HELP: Tutorials | FAQ
CONTACT US: Contact info

Search Results

Journal Article

Citation

Ruser JW. Am. J. Ind. Med. 2014; 57(10): 1149-1164.

Affiliation

Office of Productivity and Technology, U.S. Bureau of Labor Statistics, Washington, District of Columbia.

Copyright

(Copyright © 2014, John Wiley and Sons)

DOI

10.1002/ajim.22355

PMID

25223515

Abstract

BACKGROUND: Aggregate workplace injury and illness rates have generally declined over the past quarter century. Assessing which industries contributed to these declines is hampered by industry coding changes that broke time series data.

MATERIALS AND METHODS: Ratios were estimated to convert older incidence rate data to current industry codes and to create long industry time series from data of the BLS Survey of Occupational Injuries and Illnesses.

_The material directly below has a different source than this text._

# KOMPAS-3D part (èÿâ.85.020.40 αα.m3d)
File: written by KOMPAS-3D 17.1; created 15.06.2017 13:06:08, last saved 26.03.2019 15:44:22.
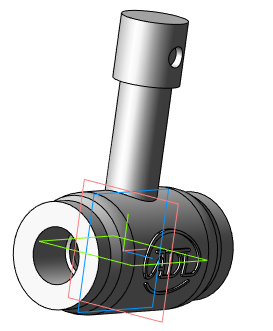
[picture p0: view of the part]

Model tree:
1. Операция без истории:3  (labels: Сталь 20  ГОСТ 1050-88)

These data were used to assess contributions to aggregate trends from within-industry incidence rate trends and across-industry hours shifts.

RESULTS: Hours shifts toward safer industries do not explain aggregate incidence rate declines. Rather declines resulted from within-industry declines. The top 20 contributors out of 307 industries account for 40 percent of the decline and include both goods-producing and service-providing industries.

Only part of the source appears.